Dataset items
* * * * *

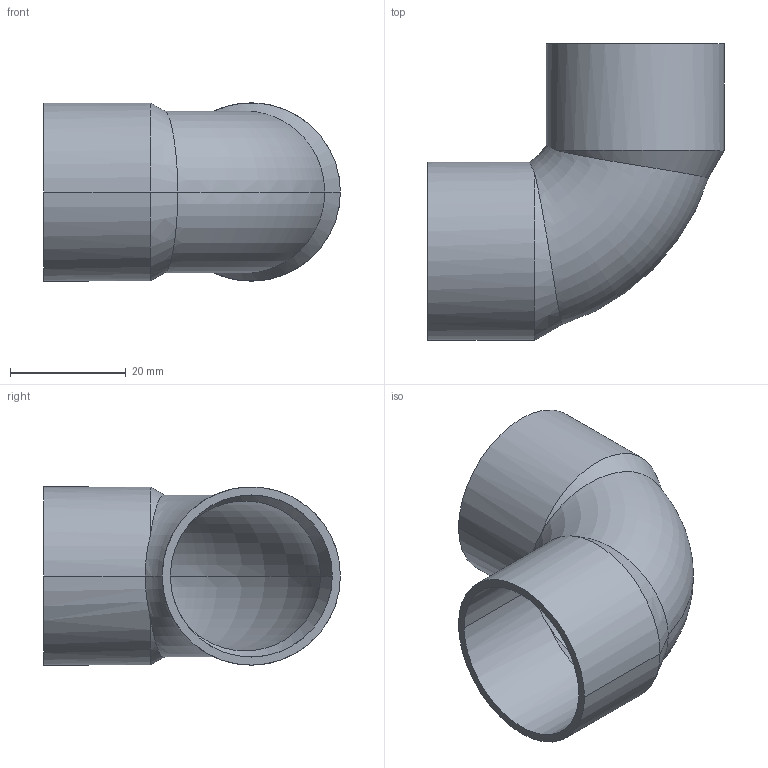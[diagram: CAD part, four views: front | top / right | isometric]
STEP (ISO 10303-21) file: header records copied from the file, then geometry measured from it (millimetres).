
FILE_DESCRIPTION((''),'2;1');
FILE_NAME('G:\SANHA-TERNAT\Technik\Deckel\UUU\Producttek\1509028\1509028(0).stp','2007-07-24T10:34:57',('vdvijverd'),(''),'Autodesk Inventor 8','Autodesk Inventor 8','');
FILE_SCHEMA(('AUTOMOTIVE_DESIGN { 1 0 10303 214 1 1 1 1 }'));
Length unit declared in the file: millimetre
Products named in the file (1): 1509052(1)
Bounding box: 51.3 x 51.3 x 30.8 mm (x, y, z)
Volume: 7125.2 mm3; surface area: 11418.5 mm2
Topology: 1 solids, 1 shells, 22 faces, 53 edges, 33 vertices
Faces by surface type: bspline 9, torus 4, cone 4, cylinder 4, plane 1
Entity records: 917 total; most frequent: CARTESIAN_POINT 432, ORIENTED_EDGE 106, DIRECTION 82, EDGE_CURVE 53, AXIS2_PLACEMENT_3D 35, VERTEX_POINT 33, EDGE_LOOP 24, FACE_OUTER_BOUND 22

* * * * *

### EXERCISE
The required result is an exact repetition of the lines from the one containing "STEP (ISO 10303-21)" through the last line of the data.

### EXERCISE SOLUTION
STEP (ISO 10303-21) file: header records copied from the file, then geometry measured from it (millimetres).
FILE_DESCRIPTION((''),'2;1');
FILE_NAME('G:\SANHA-TERNAT\Technik\Deckel\UUU\Producttek\1509028\1509028(0).stp','2007-07-24T10:34:57',('vdvijverd'),(''),'Autodesk Inventor 8','Autodesk Inventor 8','');
FILE_SCHEMA(('AUTOMOTIVE_DESIGN { 1 0 10303 214 1 1 1 1 }'));
Length unit declared in the file: millimetre
Products named in the file (1): 1509052(1)
Bounding box: 51.3 x 51.3 x 30.8 mm (x, y, z)
Volume: 7125.2 mm3; surface area: 11418.5 mm2
Topology: 1 solids, 1 shells, 22 faces, 53 edges, 33 vertices
Faces by surface type: bspline 9, torus 4, cone 4, cylinder 4, plane 1
Entity records: 917 total; most frequent: CARTESIAN_POINT 432, ORIENTED_EDGE 106, DIRECTION 82, EDGE_CURVE 53, AXIS2_PLACEMENT_3D 35, VERTEX_POINT 33, EDGE_LOOP 24, FACE_OUTER_BOUND 22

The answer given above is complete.